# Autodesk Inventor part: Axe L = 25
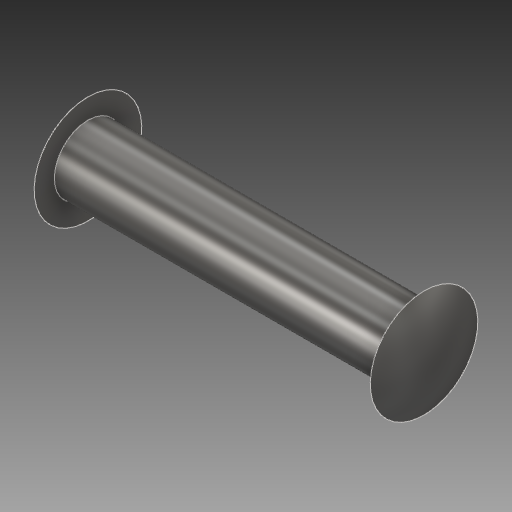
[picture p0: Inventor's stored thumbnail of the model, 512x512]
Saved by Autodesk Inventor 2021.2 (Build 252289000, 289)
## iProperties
Created: 2018-06
Part Number: Axe L = 25
Material: Acier inoxydable
Document SubType Name: Modeling
Designer: Fabian Perrée
Density: 8 g/cm^3
Appearance: Semi-poli
Author: Fabian Perrée
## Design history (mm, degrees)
sketch "Esquisse1"
  geometry: L1 (-12.5, 0)-(12.5, 0); L2 (12.5, 2.5)-(-12.5, 2.5); L3 (12.5, 2.5)-(12.5, 4); L4 (12.5, 0)-(13.572, 0); L5 (0, 2.5)-(0, 0); L6 (-12.5, 2.5)-(-12.5, 4); L7 (-13.572, 0)-(-12.5, 0); A1 r 8 centre (5.572, 0) between (13.572, 0) and (12.5, 4); A2 r 8 centre (-5.572, 0) between (-12.5, 4) and (-13.572, 0); 1 further point
  constraints: 14 end point, 4 horizontal, 4 point on circle, 3 symmetric about line, 2 centre point, 2 midpoint, 2 point on line, 1 coincident, 1 perpendicular, 1 vertical, 1 other
  dimensions: "d0" = 25 distance of L1.start L1.end; "d1" = 5 diameter of L2 L1; "d2" = 8 diameter of L3.end L1; "d3" = 16 diameter of A1
revolve "Révolution1" sketch "Esquisse1" stored, may be unused: angle "d4" = 90 deg
node "Solide1"

• _Problem statement_
Show each line of the material above where "Inventor" occurs.

• _Task solution_
# Autodesk Inventor part: Axe L = 25
[picture p0: Inventor's stored thumbnail of the model, 512x512]
Saved by Autodesk Inventor 2021.2 (Build 252289000, 289)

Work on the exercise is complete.